Stored items from a collection
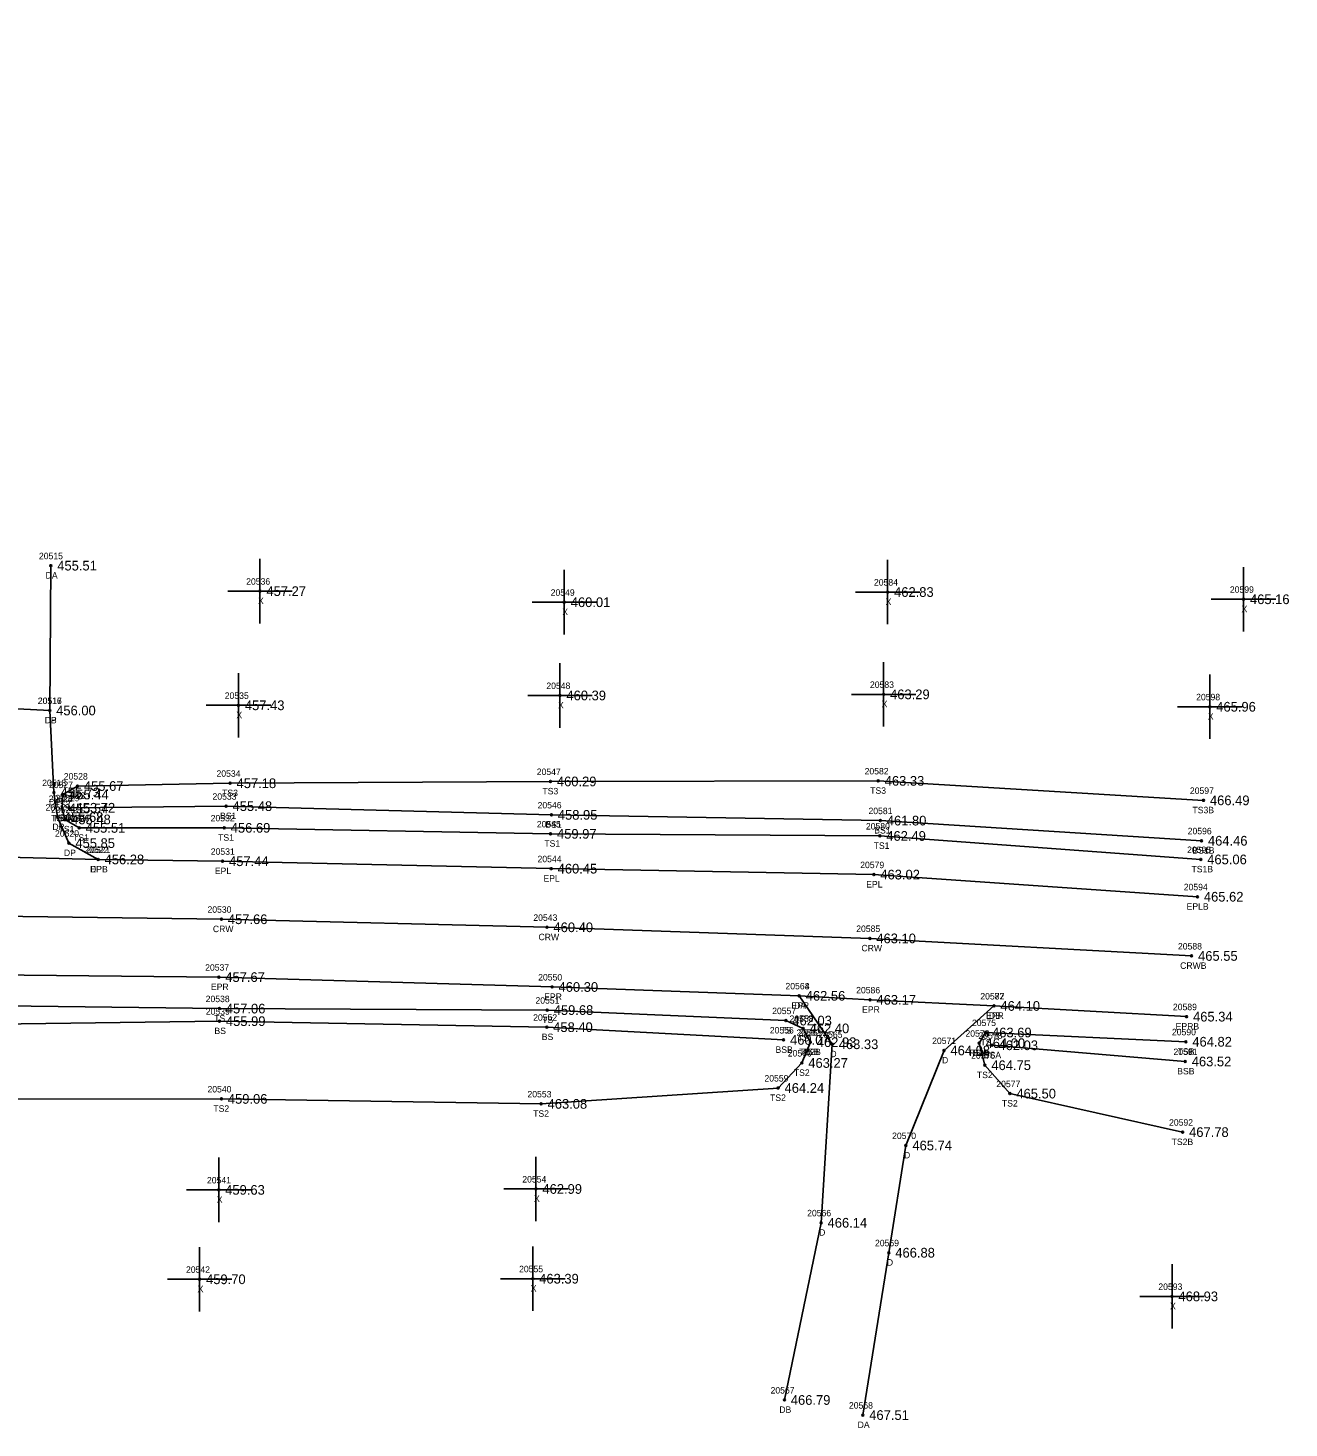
# Model space of a CAD drawing. Extents: x 1810114 to 1811498, y 790790 to 791824.
# Drawn here: x 1811302.7 to 1811498.2, y 791065.8 to 791282.8 of the extents above; entities that cross this region are included whole.
import ezdxf

# ---------------------------------------------------------------- set-up
doc = ezdxf.new("R2010")
doc.units = 0
for name, color, linetype in [('RD_DTM_BkLn1', 7, 'Continuous'), ('RD_DTM_BkLn2', 7, 'Continuous'), ('RD_DTM_BkLn_txCode', 7, 'Continuous'), ('RD_EX_Driveway', 7, 'Continuous'), ('RD_EX_Driveway_txCode', 7, 'Continuous'), ('RD_EX_Misc', 7, 'Continuous'), ('RD_EX_Misc_txCode', 7, 'Continuous'), ('RD_EX_Road', 7, 'Continuous'), ('RD_EX_Road_txCode', 7, 'Continuous'), ('RD_EX_TX_Driveway_ELEV', 7, 'Continuous'), ('RD_EX_TX_Misc_ELEV', 7, 'Continuous'), ('RD_EX_TX_Road_ELEV', 7, 'Continuous'), ('RD_HC_Survey_ELEV', 7, 'Continuous'), ('RD_HC_Survey_txCode', 7, 'Continuous'), ('RD_SMD_Locator', 7, 'Continuous')]:
    doc.layers.add(name, color=color, linetype=linetype)

msp = doc.modelspace()

# ---------------------------------------------------------------- linework, layer by layer
at = {"layer": 'RD_DTM_BkLn1'}
msp.add_lwpolyline([(1810803.51, 791274.51), (1810847.74, 791252.12), (1810893.26, 791230.1), (1810939.59, 791211.03), (1810986.75, 791193.39), (1811034.36, 791179.34), (1811083.17, 791167.31), (1811132.79, 791157.79), (1811182.67, 791151.51), (1811232.87, 791147.29), (1811282.59, 791145.39), (1811332.65, 791144.69), (1811383.13, 791143.44), (1811433.19, 791141.72), (1811483.07, 791139)], dxfattribs=at)
at = {"layer": 'RD_DTM_BkLn2'}
msp.add_line((1811452.12, 791125.15), (1811482.09, 791122.64), dxfattribs=at)
for points in [[(1811307.98, 791161.87), (1811308.04, 791164.02), (1811310.33, 791165.34), (1811334, 791165.77), (1811383.66, 791166.05), (1811434.49, 791166.14), (1811484.91, 791163.12)], [(1811307.98, 791161.87), (1811308.36, 791160.16), (1811310.61, 791158.85), (1811333.1, 791158.86), (1811383.68, 791157.93), (1811434.73, 791157.6), (1811484.49, 791153.96)], [(1811309.04, 791161.97), (1811333.38, 791162.22), (1811383.81, 791160.87), (1811434.81, 791159.98), (1811484.6, 791156.86)], [(1811170.77, 791135.26), (1811171.82, 791137.38), (1811175.07, 791138.52), (1811182.87, 791137.68), (1811232.22, 791132.55), (1811282.26, 791131.47), (1811332.33, 791130.84), (1811383.17, 791130.61), (1811420.16, 791128.98), (1811422.85, 791127.77), (1811423.96, 791125.63)], [(1811170.77, 791135.26), (1811170.4, 791132.25), (1811177.63, 791120.55), (1811182.15, 791120.82), (1811231.43, 791118.77), (1811282.72, 791116.78), (1811332.65, 791116.84), (1811382.22, 791116.07), (1811418.96, 791118.53), (1811422.64, 791122.41), (1811423.96, 791125.63)], [(1811172.12, 791135.15), (1811182.75, 791134.11), (1811232.21, 791129.55), (1811282.34, 791128.2), (1811332.35, 791128.89), (1811383.09, 791127.96), (1811419.81, 791125.98)], [(1811450.12, 791125.48), (1811451.13, 791127.13), (1811482.18, 791125.7)], [(1811450.12, 791125.48), (1811451.02, 791122.06), (1811454.9, 791117.66), (1811481.68, 791111.69)]]:
    msp.add_lwpolyline(points, dxfattribs=at)
at = {"layer": 'RD_EX_Driveway'}
msp.add_line((1811306.2, 791199.5), (1811306.03, 791177.05), dxfattribs=at)
for points in [[(1811285.25, 791154.67), (1811289.79, 791158.28), (1811291.76, 791160.78), (1811292, 791162.12), (1811291.93, 791177.79), (1811306.03, 791177.05), (1811306.69, 791164.33), (1811307.22, 791160.52), (1811309.01, 791156.49), (1811313.54, 791153.96)], [(1811422.24, 791132.82), (1811427.36, 791125.31), (1811425.63, 791097.64), (1811419.93, 791070.17)], [(1811432.09, 791067.83), (1811436.13, 791093), (1811438.78, 791109.62), (1811444.68, 791124.35), (1811452.43, 791131.25)]]:
    msp.add_lwpolyline(points, dxfattribs=at)
at = {"layer": 'RD_EX_Misc'}
for p, q in [((1811338.63, 791190.55), (1811338.63, 791200.55)), ((1811435.94, 791190.41), (1811435.94, 791200.41)), ((1811385.81, 791188.83), (1811385.81, 791198.83)), ((1811491.12, 791189.29), (1811491.12, 791199.29)), ((1811333.63, 791195.55), (1811343.63, 791195.55)), ((1811380.81, 791193.83), (1811390.81, 791193.83)), ((1811430.94, 791195.41), (1811440.94, 791195.41)), ((1811486.12, 791194.29), (1811496.12, 791194.29)), ((1811335.29, 791172.85), (1811335.29, 791182.85)), ((1811385.14, 791174.38), (1811385.14, 791184.38)), ((1811435.32, 791174.55), (1811435.32, 791184.55)), ((1811485.89, 791172.63), (1811485.89, 791182.63)), ((1811380.14, 791179.38), (1811390.14, 791179.38)), ((1811430.32, 791179.55), (1811440.32, 791179.55)), ((1811330.29, 791177.85), (1811340.29, 791177.85)), ((1811480.89, 791177.63), (1811490.89, 791177.63)), ((1811332.24, 791097.74), (1811332.24, 791107.74)), ((1811381.42, 791097.88), (1811381.42, 791107.88)), ((1811327.24, 791102.74), (1811337.24, 791102.74)), ((1811376.42, 791102.88), (1811386.42, 791102.88)), ((1811329.27, 791083.88), (1811329.27, 791093.88)), ((1811380.92, 791083.97), (1811380.92, 791093.97)), ((1811480.03, 791081.23), (1811480.03, 791091.23)), ((1811324.27, 791088.88), (1811334.27, 791088.88)), ((1811375.92, 791088.97), (1811385.92, 791088.97)), ((1811475.03, 791086.23), (1811485.03, 791086.23))]:
    msp.add_line(p, q, dxfattribs=at)
at = {"layer": 'RD_EX_Road'}
for points in [[(1810807.88, 791282.84), (1810852, 791259.68), (1810897.52, 791238.67), (1810942.78, 791219.24), (1810989.92, 791202.01), (1811037.03, 791187.9), (1811084.94, 791176.28), (1811134.78, 791167.28), (1811183.92, 791161.02), (1811232.9, 791156.58), (1811282.68, 791154.92), (1811285.25, 791154.67), (1811313.54, 791153.96), (1811332.83, 791153.68), (1811383.78, 791152.53), (1811433.81, 791151.61), (1811483.97, 791148.18)], [(1810799.46, 791266.97), (1810843.53, 791244.35), (1810889.8, 791222.88), (1810936.32, 791202.72), (1810983.79, 791185.28), (1811031.51, 791170.21), (1811081.62, 791158.02), (1811131.99, 791148.92), (1811148.3, 791146.24), (1811177.02, 791142.75), (1811182.52, 791142.23), (1811232.71, 791137.62), (1811281.86, 791136.25), (1811332.25, 791135.72), (1811383.92, 791134.19), (1811422.24, 791132.82), (1811433.21, 791132.2), (1811452.43, 791131.25), (1811482.29, 791129.59)]]:
    msp.add_lwpolyline(points, dxfattribs=at)
at = {"layer": 'RD_SMD_Locator'}
for centre in [(1811306.2, 791199.5), (1811338.63, 791195.55), (1811385.81, 791193.83), (1811435.94, 791195.41), (1811491.12, 791194.29), (1811385.14, 791179.38), (1811435.32, 791179.55), (1811306.03, 791177.05), (1811306.03, 791177.05), (1811335.29, 791177.85), (1811485.89, 791177.63), (1811310.33, 791165.34), (1811334, 791165.77), (1811383.66, 791166.05), (1811434.49, 791166.14), (1811306.69, 791164.33), (1811308.04, 791164.02), (1811307.98, 791161.87), (1811307.98, 791161.87), (1811309.04, 791161.97), (1811333.38, 791162.22), (1811484.91, 791163.12), (1811307.22, 791160.52), (1811308.36, 791160.16), (1811310.61, 791158.85), (1811333.1, 791158.86), (1811383.81, 791160.87), (1811434.81, 791159.98), (1811383.68, 791157.93), (1811434.73, 791157.6), (1811484.6, 791156.86), (1811309.01, 791156.49), (1811313.54, 791153.96), (1811313.54, 791153.96), (1811332.83, 791153.68), (1811383.78, 791152.53), (1811484.49, 791153.96), (1811433.81, 791151.61), (1811483.97, 791148.18), (1811332.65, 791144.69), (1811383.13, 791143.44), (1811433.19, 791141.72), (1811483.07, 791139), (1811332.25, 791135.72), (1811383.92, 791134.19), (1811422.24, 791132.82), (1811422.24, 791132.82), (1811332.33, 791130.84), (1811383.17, 791130.61), (1811433.21, 791132.2), (1811452.43, 791131.25), (1811452.43, 791131.25), (1811332.35, 791128.89), (1811420.16, 791128.98), (1811482.29, 791129.59), (1811383.09, 791127.96), (1811422.85, 791127.77), (1811451.13, 791127.13), (1811419.81, 791125.98), (1811423.96, 791125.63), (1811423.96, 791125.63), (1811427.36, 791125.31), (1811444.68, 791124.35), (1811450.12, 791125.48), (1811450.12, 791125.48), (1811452.12, 791125.15), (1811482.18, 791125.7), (1811422.64, 791122.41), (1811451.02, 791122.06), (1811482.09, 791122.64), (1811418.96, 791118.53), (1811454.9, 791117.66), (1811332.65, 791116.84), (1811382.22, 791116.07), (1811481.68, 791111.69), (1811438.78, 791109.62), (1811332.24, 791102.74), (1811381.42, 791102.88), (1811425.63, 791097.64), (1811436.13, 791093), (1811329.27, 791088.88), (1811380.92, 791088.97), (1811480.03, 791086.23), (1811419.93, 791070.17), (1811432.09, 791067.83)]:
    msp.add_circle(centre, 0.15, dxfattribs=at)

# ---------------------------------------------------------------- texts
at = {"layer": 'RD_DTM_BkLn_txCode'}
for s, p in [('20534', (1811331.89, 791166.77)), ('20547', (1811381.54, 791167.05)), ('20582', (1811432.37, 791167.14)), ('20527', (1811305.92, 791165.02)), ('20528', (1811308.21, 791166.34)), ('20523', (1811305.87, 791162.87)), ('20524', (1811305.87, 791162.87)), ('20529', (1811306.92, 791162.97)), ('TS3', (1811309.09, 791163.34)), ('20533', (1811331.27, 791163.22)), ('TS3', (1811332.76, 791163.77)), ('TS3', (1811382.42, 791164.05)), ('TS3', (1811433.24, 791164.14)), ('20597', (1811482.8, 791164.12)), ('20525', (1811306.24, 791161.16)), ('TS3', (1811306.79, 791162.02)), ('BS1', (1811332.44, 791160.22)), ('20546', (1811381.67, 791161.87)), ('20581', (1811432.97, 791160.98)), ('TS3B', (1811483.2, 791161.12)), ('TS3A', (1811306.25, 791159.87)), ('TS1A', (1811306.53, 791159.87)), ('TS1', (1811307.4, 791158.16)), ('BS1A', (1811307.61, 791159.97)), ('20526', (1811308.47, 791159.85)), ('20532', (1811330.98, 791159.86)), ('20545', (1811381.56, 791158.93)), ('BS1', (1811382.87, 791158.87)), ('20580', (1811432.57, 791158.6)), ('BS1', (1811433.86, 791157.98)), ('TS1', (1811309.65, 791156.85)), ('TS1', (1811332.14, 791156.86)), ('TS1', (1811382.72, 791155.93)), ('20596', (1811482.46, 791157.86)), ('TS1', (1811433.77, 791155.6)), ('20595', (1811482.37, 791154.96)), ('BS1B', (1811483.19, 791154.86)), ('TS1B', (1811483.05, 791151.96)), ('20538', (1811330.21, 791131.84)), ('20539', (1811330.23, 791129.89)), ('20551', (1811381.34, 791131.61)), ('20557', (1811418.04, 791129.98)), ('TS', (1811331.53, 791128.84)), ('20552', (1811380.98, 791128.96)), ('TS', (1811382.38, 791128.61)), ('20558', (1811420.73, 791128.77)), ('20575', (1811449.02, 791128.13)), ('BS', (1811331.57, 791126.89)), ('BS', (1811382.32, 791125.96)), ('20556', (1811417.67, 791126.98)), ('TS', (1811419.36, 791126.98)), ('20562', (1811421.82, 791126.63)), ('TS', (1811422.06, 791125.77)), ('20561', (1811422.1, 791126.63)), ('20573', (1811448, 791126.48)), ('20574', (1811448, 791126.48)), ('20578', (1811450.01, 791126.15)), ('20590', (1811480.02, 791126.7)), ('BSB', (1811418.56, 791123.98)), ('20560', (1811420.46, 791123.41)), ('TS2B', (1811422.24, 791123.63)), ('TSB', (1811422.69, 791123.63)), ('TS2A', (1811448.38, 791123.48)), ('TSA', (1811448.83, 791123.48)), ('TS', (1811450.34, 791125.13)), ('20591', (1811480.26, 791123.64)), ('TSB', (1811480.91, 791123.7)), ('20576', (1811448.88, 791123.06)), ('BSA', (1811450.86, 791123.15)), ('20559', (1811416.84, 791119.53)), ('TS2', (1811421.4, 791120.41)), ('TS2', (1811449.78, 791120.06)), ('BSB', (1811480.84, 791120.64)), ('20540', (1811330.49, 791117.84)), ('20553', (1811380.1, 791117.07)), ('20577', (1811452.79, 791118.66)), ('TS2', (1811331.4, 791114.84)), ('TS2', (1811417.71, 791116.53)), ('TS2', (1811453.66, 791115.66)), ('TS2', (1811380.98, 791114.07)), ('20592', (1811479.57, 791112.69)), ('TS2B', (1811479.97, 791109.69))]:
    msp.add_text(s, height=1, dxfattribs=at).set_placement(p)
at = {"layer": 'RD_EX_Driveway_txCode'}
for s, p in [('20515', (1811304.36, 791200.5)), ('DA', (1811305.4, 791197.5)), ('20516', (1811304.17, 791178.05)), ('20517', (1811304.2, 791178.05)), ('DB', (1811305.25, 791175.05)), ('DP', (1811305.25, 791175.05)), ('20518', (1811304.86, 791165.33)), ('DP', (1811305.91, 791162.33)), ('20519', (1811305.39, 791161.52)), ('DP', (1811306.44, 791158.52)), ('20520', (1811306.85, 791157.49)), ('DP', (1811308.23, 791154.49)), ('20521', (1811311.7, 791154.96)), ('DPB', (1811312.28, 791151.96)), ('20564', (1811420.1, 791133.82)), ('20572', (1811450.31, 791132.25)), ('DA', (1811421.45, 791130.82)), ('DB', (1811451.65, 791129.25)), ('20565', (1811425.22, 791126.31)), ('D', (1811427.06, 791123.31)), ('20571', (1811442.84, 791125.35)), ('D', (1811444.37, 791122.35)), ('20570', (1811436.63, 791110.62)), ('D', (1811438.48, 791107.62)), ('20566', (1811423.46, 791098.64)), ('D', (1811425.32, 791095.64)), ('20569', (1811433.98, 791094)), ('D', (1811435.82, 791091)), ('20567', (1811417.79, 791071.17)), ('DB', (1811419.15, 791068.17)), ('20568', (1811429.94, 791068.83)), ('DA', (1811431.29, 791065.83))]:
    msp.add_text(s, height=1, dxfattribs=at).set_placement(p)
at = {"layer": 'RD_EX_Misc_txCode'}
for s, p in [('20536', (1811336.49, 791196.55)), ('20584', (1811433.82, 791196.41)), ('20599', (1811489, 791195.29)), ('X', (1811338.32, 791193.55)), ('20549', (1811383.7, 791194.83)), ('X', (1811435.62, 791193.41)), ('X', (1811385.5, 791191.83)), ('X', (1811490.81, 791192.29)), ('20548', (1811383.03, 791180.38)), ('20583', (1811433.2, 791180.55)), ('20535', (1811333.17, 791178.85)), ('X', (1811435.01, 791177.55)), ('20598', (1811483.77, 791178.63)), ('X', (1811334.97, 791175.85)), ('X', (1811384.83, 791177.38)), ('X', (1811485.58, 791175.63)), ('20541', (1811330.41, 791103.74)), ('20554', (1811379.3, 791103.88)), ('X', (1811331.93, 791100.74)), ('X', (1811381.11, 791100.88)), ('20542', (1811327.16, 791089.88)), ('20555', (1811378.8, 791089.97)), ('X', (1811328.96, 791086.88)), ('X', (1811380.61, 791086.97)), ('20593', (1811477.91, 791087.23)), ('X', (1811479.72, 791084.23))]:
    msp.add_text(s, height=1, dxfattribs=at).set_placement(p)
at = {"layer": 'RD_EX_Road_txCode'}
for s, p in [('20522', (1811311.42, 791154.96)), ('20531', (1811331, 791154.68)), ('EPL', (1811312.33, 791151.96)), ('EPL', (1811331.63, 791151.68)), ('20544', (1811381.66, 791153.53)), ('20579', (1811431.69, 791152.61)), ('EPL', (1811382.58, 791150.53)), ('EPL', (1811432.61, 791149.61)), ('20594', (1811481.85, 791149.18)), ('EPLB', (1811482.29, 791146.18)), ('20537', (1811330.13, 791136.72)), ('20550', (1811381.76, 791135.19)), ('EPR', (1811331.02, 791133.72)), ('EPR', (1811382.69, 791132.19)), ('20563', (1811420.1, 791133.82)), ('20586', (1811431.06, 791133.2)), ('20587', (1811450.31, 791132.25)), ('EPR', (1811421.02, 791130.82)), ('EPR', (1811431.98, 791130.2)), ('20589', (1811480.17, 791130.59)), ('EPR', (1811451.2, 791129.25)), ('EPRB', (1811480.59, 791127.59))]:
    msp.add_text(s, height=1, dxfattribs=at).set_placement(p)
at = {"layer": 'RD_EX_TX_Driveway_ELEV'}
for s, p in [('455.51', (1811307.2, 791198.75)), ('456.00', (1811307.03, 791176.3)), ('456.00', (1811307.03, 791176.3)), ('455.73', (1811307.69, 791163.58)), ('455.68', (1811308.22, 791159.77)), ('455.85', (1811310.01, 791155.74)), ('456.28', (1811314.54, 791153.21)), ('462.56', (1811423.24, 791132.07)), ('464.10', (1811453.43, 791130.5)), ('463.33', (1811428.36, 791124.56)), ('464.08', (1811445.68, 791123.6)), ('465.74', (1811439.78, 791108.87)), ('466.14', (1811426.63, 791096.89)), ('466.88', (1811437.13, 791092.25)), ('466.79', (1811420.93, 791069.42)), ('467.51', (1811433.09, 791067.08))]:
    msp.add_text(s, height=1.5, dxfattribs=at).set_placement(p)
at = {"layer": 'RD_EX_TX_Misc_ELEV'}
for s, p in [('457.27', (1811339.63, 791194.8)), ('462.83', (1811436.94, 791194.66)), ('460.01', (1811386.81, 791193.08)), ('465.16', (1811492.12, 791193.54)), ('457.43', (1811336.29, 791177.1)), ('460.39', (1811386.14, 791178.63)), ('463.29', (1811436.32, 791178.8)), ('465.96', (1811486.89, 791176.88)), ('455.67', (1811311.33, 791164.59)), ('457.18', (1811335, 791165.02)), ('460.29', (1811384.66, 791165.3)), ('463.33', (1811435.49, 791165.39)), ('455.44', (1811309.04, 791163.27)), ('466.49', (1811485.91, 791162.37)), ('455.54', (1811308.98, 791161.12)), ('455.54', (1811308.98, 791161.12)), ('453.72', (1811310.04, 791161.22)), ('455.48', (1811334.38, 791161.47)), ('458.95', (1811384.81, 791160.12)), ('455.48', (1811309.36, 791159.41)), ('455.51', (1811311.61, 791158.1)), ('456.69', (1811334.1, 791158.11)), ('461.80', (1811435.81, 791159.23)), ('459.97', (1811384.68, 791157.18)), ('462.49', (1811435.73, 791156.85)), ('464.46', (1811485.6, 791156.11)), ('465.06', (1811485.49, 791153.21)), ('457.06', (1811333.33, 791130.09)), ('459.68', (1811384.17, 791129.86)), ('455.99', (1811333.35, 791128.14)), ('458.40', (1811384.09, 791127.21)), ('462.03', (1811421.16, 791128.23)), ('460.07', (1811420.81, 791125.23)), ('462.40', (1811423.85, 791127.02)), ('463.69', (1811452.13, 791126.38)), ('464.82', (1811483.18, 791124.95)), ('462.93', (1811424.96, 791124.88)), ('462.93', (1811424.96, 791124.88)), ('464.00', (1811451.12, 791124.73)), ('464.00', (1811451.12, 791124.73)), ('462.03', (1811453.12, 791124.4)), ('463.27', (1811423.64, 791121.66)), ('464.75', (1811452.02, 791121.31)), ('463.52', (1811483.09, 791121.89)), ('464.24', (1811419.96, 791117.78)), ('465.50', (1811455.9, 791116.91)), ('459.06', (1811333.65, 791116.09)), ('463.08', (1811383.22, 791115.32)), ('467.78', (1811482.68, 791110.94)), ('459.63', (1811333.24, 791101.99)), ('462.99', (1811382.42, 791102.13)), ('459.70', (1811330.27, 791088.13)), ('463.39', (1811381.92, 791088.22)), ('468.93', (1811481.03, 791085.48))]:
    msp.add_text(s, height=1.5, dxfattribs=at).set_placement(p)
at = {"layer": 'RD_EX_TX_Road_ELEV'}
for s, p in [('456.28', (1811314.54, 791153.21)), ('457.44', (1811333.83, 791152.93)), ('460.45', (1811384.78, 791151.78)), ('463.02', (1811434.81, 791150.86)), ('465.62', (1811484.97, 791147.43)), ('457.67', (1811333.25, 791134.97)), ('460.30', (1811384.92, 791133.44)), ('462.56', (1811423.24, 791132.07)), ('463.17', (1811434.21, 791131.45)), ('464.10', (1811453.43, 791130.5)), ('465.34', (1811483.29, 791128.84))]:
    msp.add_text(s, height=1.5, dxfattribs=at).set_placement(p)
at = {"layer": 'RD_HC_Survey_ELEV'}
for s, p in [('457.66', (1811333.65, 791143.94)), ('460.40', (1811384.13, 791142.69)), ('463.10', (1811434.19, 791140.97)), ('465.55', (1811484.07, 791138.25))]:
    msp.add_text(s, height=1.5, dxfattribs=at).set_placement(p)
at = {"layer": 'RD_HC_Survey_txCode'}
for s, p in [('20530', (1811330.49, 791145.69)), ('20543', (1811381.01, 791144.44)), ('CRW', (1811331.33, 791142.69)), ('CRW', (1811381.81, 791141.44)), ('20585', (1811431.07, 791142.72)), ('CRW', (1811431.88, 791139.72)), ('20588', (1811480.95, 791140)), ('CRWB', (1811481.29, 791137))]:
    msp.add_text(s, height=1, dxfattribs=at).set_placement(p)

doc.saveas('drawing.dxf')

→ **WHAT TO WORK ON**
All that belongs in your answer is the stretch of entries above from the line with "(1811482.09, 791122.64), dxfattribs=at)" through the line with "(1811306.03, 791177.05), dxfattribs=at)", printed exactly.

→ **FINAL ANSWER**
msp.add_line((1811452.12, 791125.15), (1811482.09, 791122.64), dxfattribs=at)
for points in [[(1811307.98, 791161.87), (1811308.04, 791164.02), (1811310.33, 791165.34), (1811334, 791165.77), (1811383.66, 791166.05), (1811434.49, 791166.14), (1811484.91, 791163.12)], [(1811307.98, 791161.87), (1811308.36, 791160.16), (1811310.61, 791158.85), (1811333.1, 791158.86), (1811383.68, 791157.93), (1811434.73, 791157.6), (1811484.49, 791153.96)], [(1811309.04, 791161.97), (1811333.38, 791162.22), (1811383.81, 791160.87), (1811434.81, 791159.98), (1811484.6, 791156.86)], [(1811170.77, 791135.26), (1811171.82, 791137.38), (1811175.07, 791138.52), (1811182.87, 791137.68), (1811232.22, 791132.55), (1811282.26, 791131.47), (1811332.33, 791130.84), (1811383.17, 791130.61), (1811420.16, 791128.98), (1811422.85, 791127.77), (1811423.96, 791125.63)], [(1811170.77, 791135.26), (1811170.4, 791132.25), (1811177.63, 791120.55), (1811182.15, 791120.82), (1811231.43, 791118.77), (1811282.72, 791116.78), (1811332.65, 791116.84), (1811382.22, 791116.07), (1811418.96, 791118.53), (1811422.64, 791122.41), (1811423.96, 791125.63)], [(1811172.12, 791135.15), (1811182.75, 791134.11), (1811232.21, 791129.55), (1811282.34, 791128.2), (1811332.35, 791128.89), (1811383.09, 791127.96), (1811419.81, 791125.98)], [(1811450.12, 791125.48), (1811451.13, 791127.13), (1811482.18, 791125.7)], [(1811450.12, 791125.48), (1811451.02, 791122.06), (1811454.9, 791117.66), (1811481.68, 791111.69)]]:
    msp.add_lwpolyline(points, dxfattribs=at)
at = {"layer": 'RD_EX_Driveway'}
msp.add_line((1811306.2, 791199.5), (1811306.03, 791177.05), dxfattribs=at)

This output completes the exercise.